-------- AVAILABLE DATA
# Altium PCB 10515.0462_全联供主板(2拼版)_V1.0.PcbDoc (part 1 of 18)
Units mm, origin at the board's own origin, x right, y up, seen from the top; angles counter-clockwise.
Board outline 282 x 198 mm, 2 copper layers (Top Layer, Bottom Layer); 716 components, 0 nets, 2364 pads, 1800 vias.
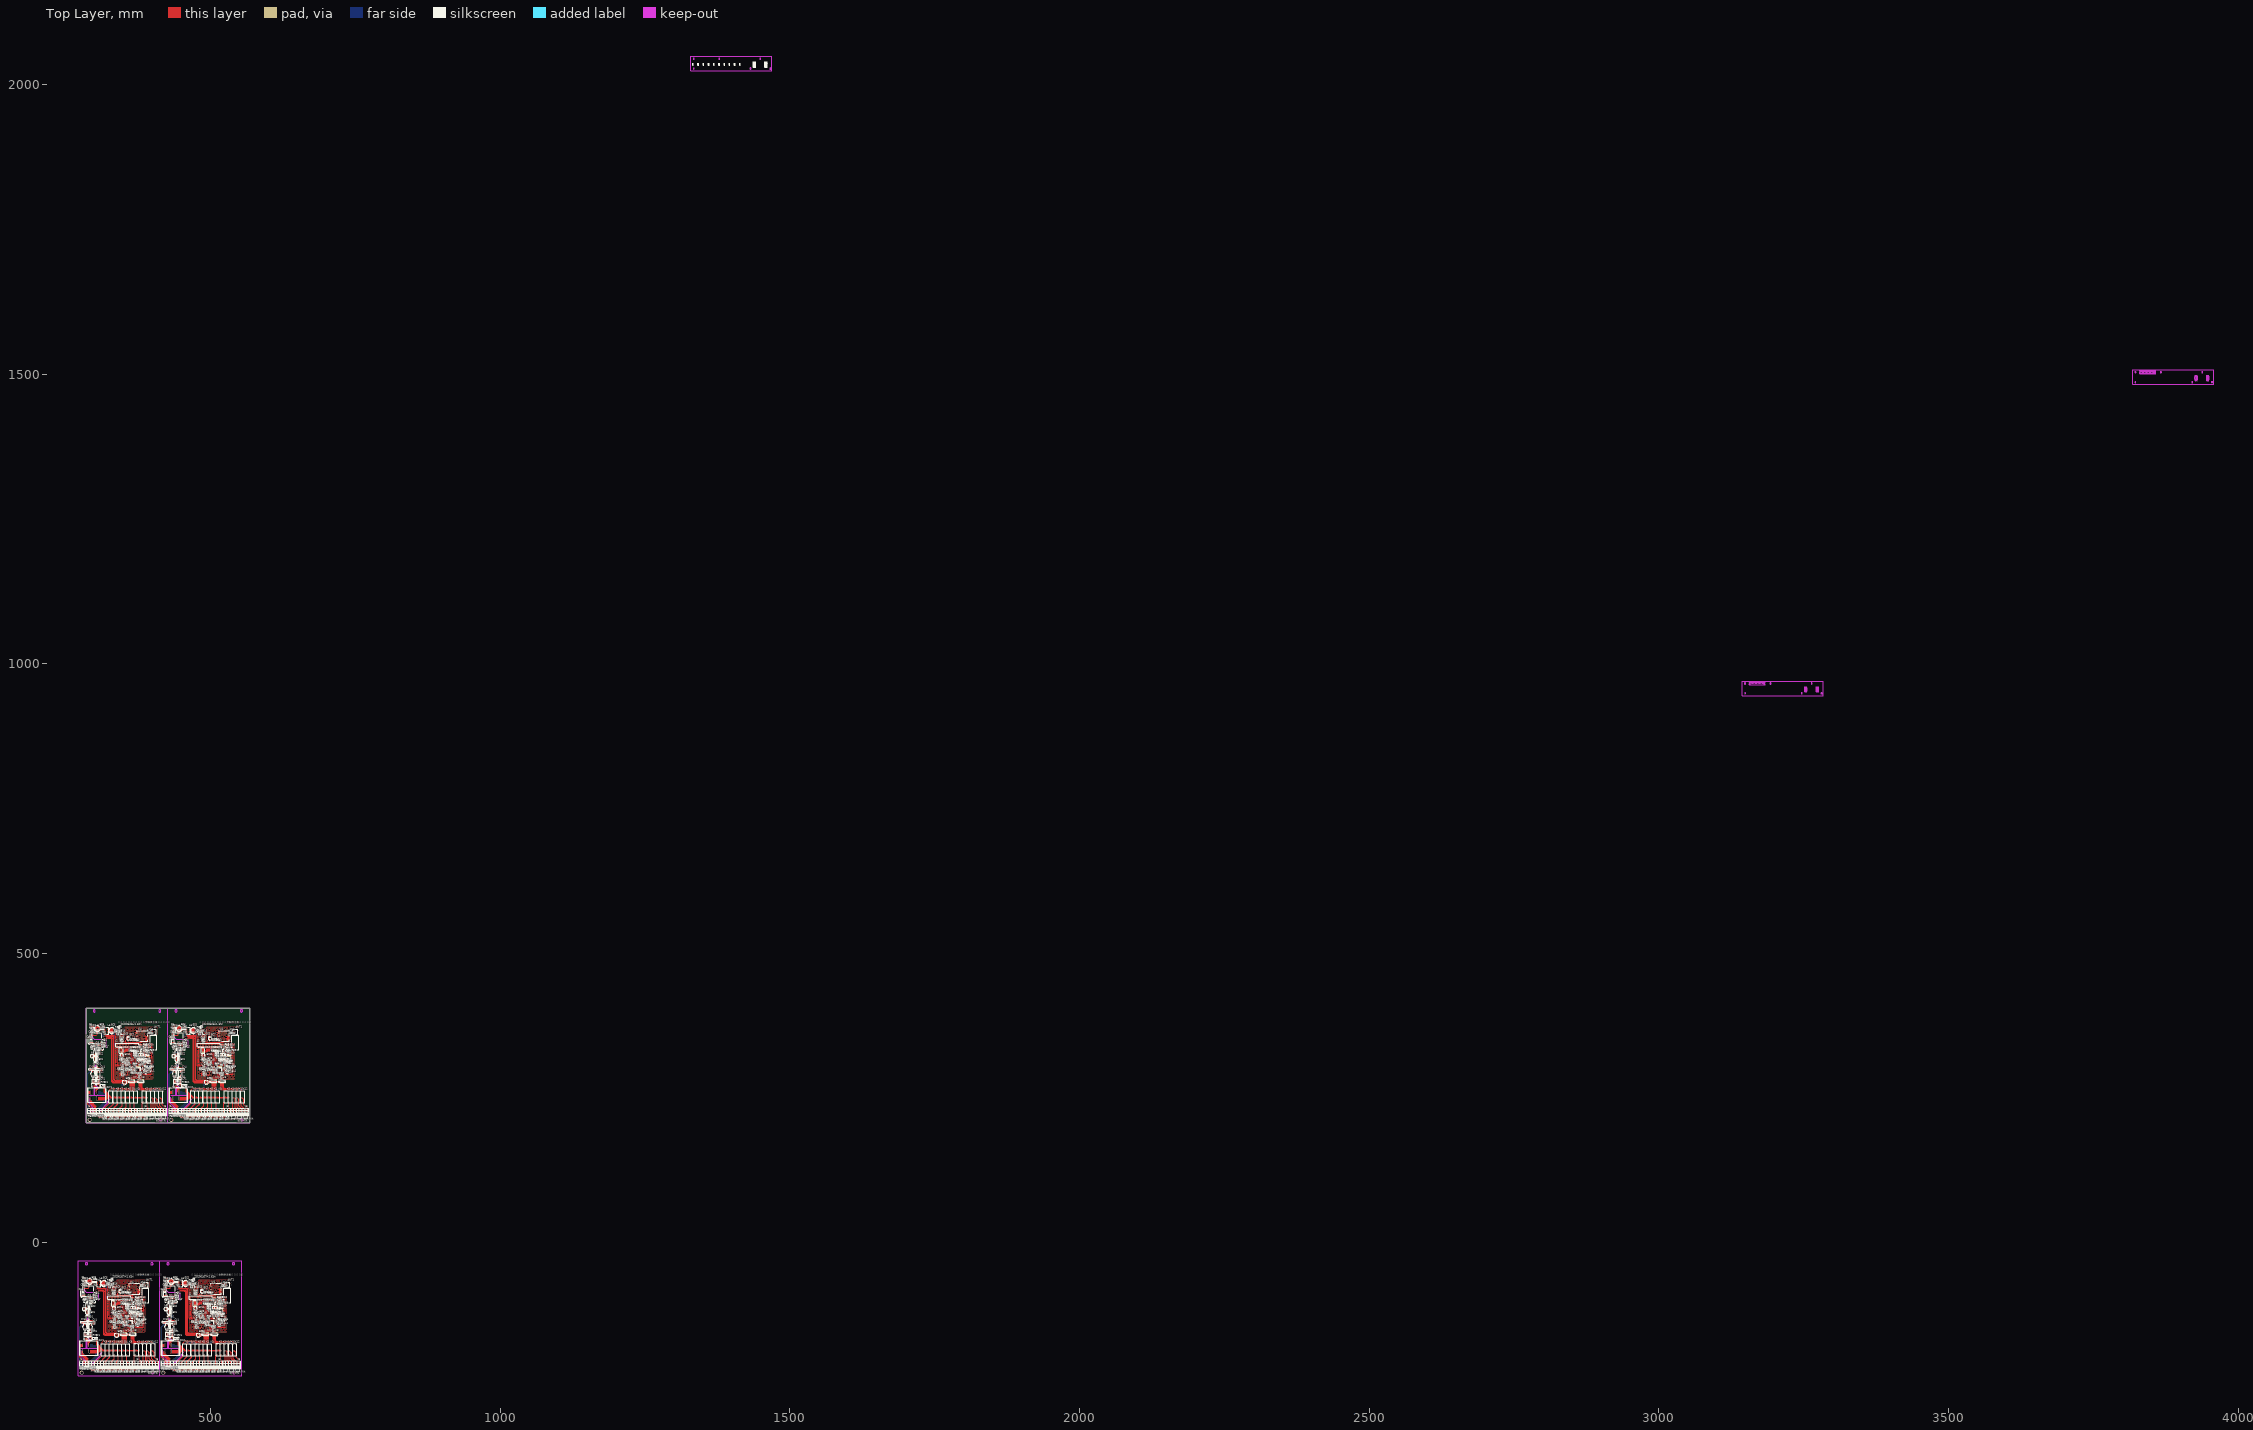
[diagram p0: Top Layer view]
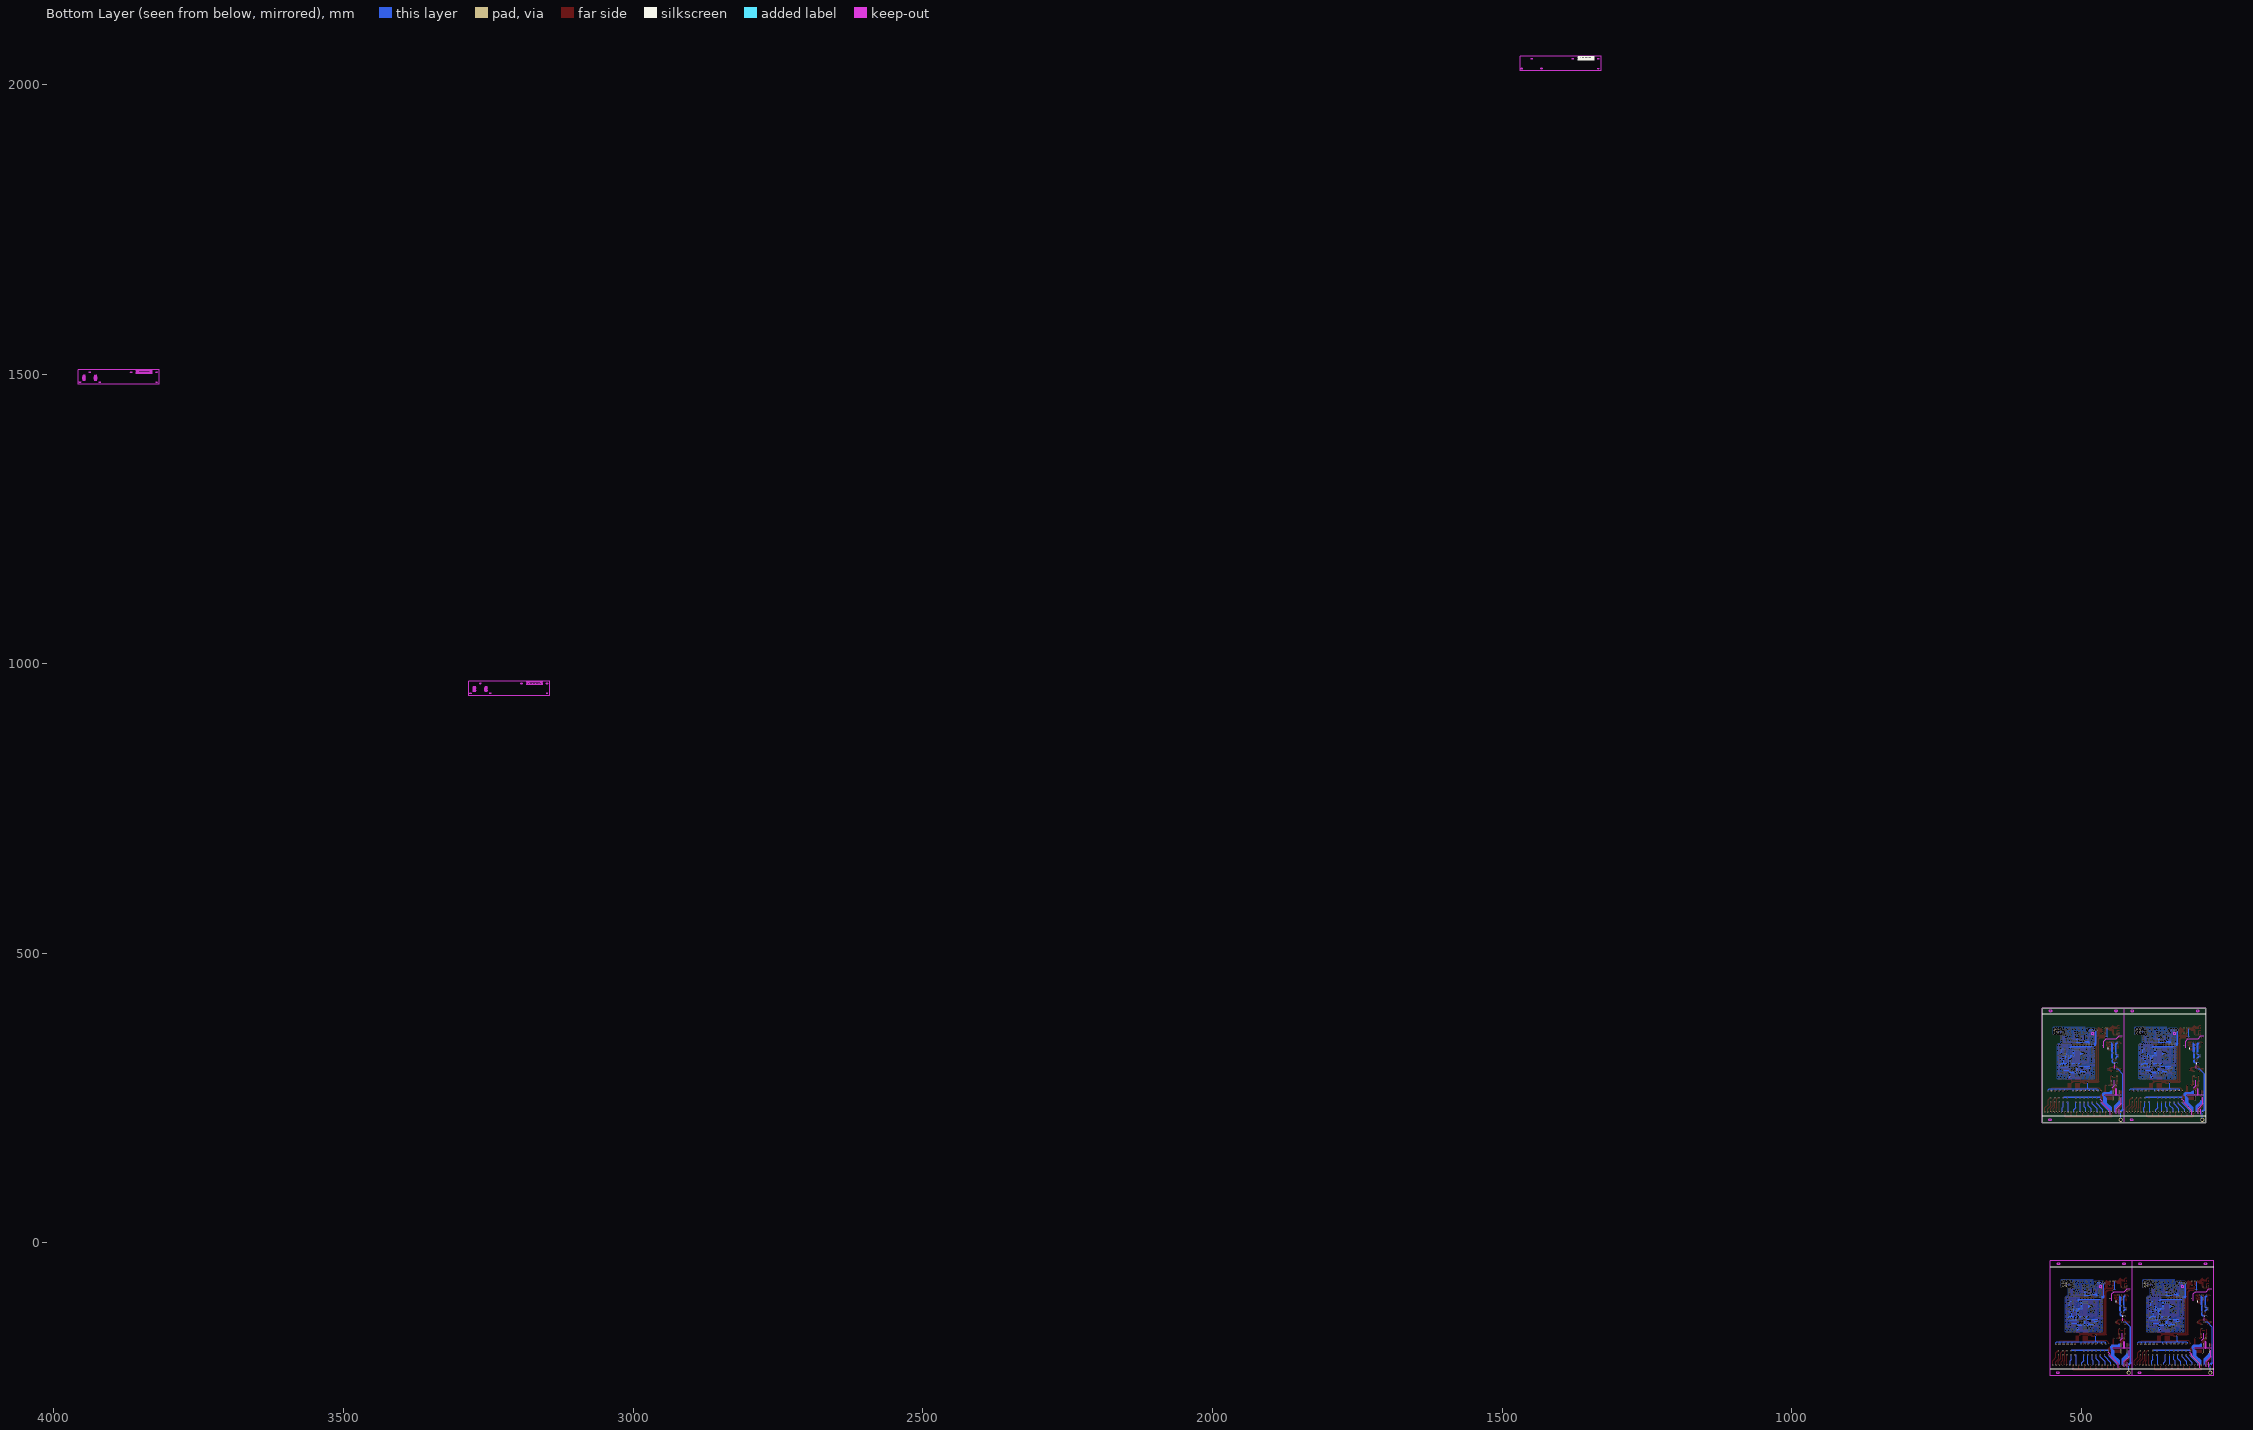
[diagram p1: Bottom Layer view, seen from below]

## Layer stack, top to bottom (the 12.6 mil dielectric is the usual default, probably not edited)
Top Layer: signal copper 0.0356
Dielectric: dielectric 0.32, FR-4, Dk 4.8
Bottom Layer: signal copper 0.0356

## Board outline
285.008,405.708 567.008,405.708 567.008,207.708 285.008,207.708 285.008,405.708

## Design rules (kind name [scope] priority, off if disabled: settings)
Clearance [All] p1: gap=0.254
PolygonConnect [All] p1: connectstyle=Relief reliefconductorwidth=0.254 reliefentries=4 polygonreliefangle="90 Angle"
RoutingVias [All] p1: holewidth=0.711 width=1.27 viastyle="Through Hole" minholewidth=0.711 minwidth=1.27 maxholewidth=0.711 maxwidth=1.27
SilkscreenOverComponentPads [All] p1: minsilkscreentomaskgap=0.254
SolderMaskExpansion [All] p1: expansion=0.102
Width [All] p1: maxlimit=0.254 minlimit=0.254 preferedwidth=0.254
27 further rules are at their usual default settings.

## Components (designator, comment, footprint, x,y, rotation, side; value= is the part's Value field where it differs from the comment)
+3.3V "OTHER/TEST" TEST#1 486.46,315.284 r90 top (schematic designator VCC1)
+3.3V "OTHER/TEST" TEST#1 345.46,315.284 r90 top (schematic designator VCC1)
----------------
- **WHAT YOU ARE ASKED TO DO**: Set down nothing but the lines from the one containing "from the comment)" through the final line above, exactly as written.

- **YOUR SOLUTION**:
## Components (designator, comment, footprint, x,y, rotation, side; value= is the part's Value field where it differs from the comment)
+3.3V "OTHER/TEST" TEST#1 486.46,315.284 r90 top (schematic designator VCC1)
+3.3V "OTHER/TEST" TEST#1 345.46,315.284 r90 top (schematic designator VCC1)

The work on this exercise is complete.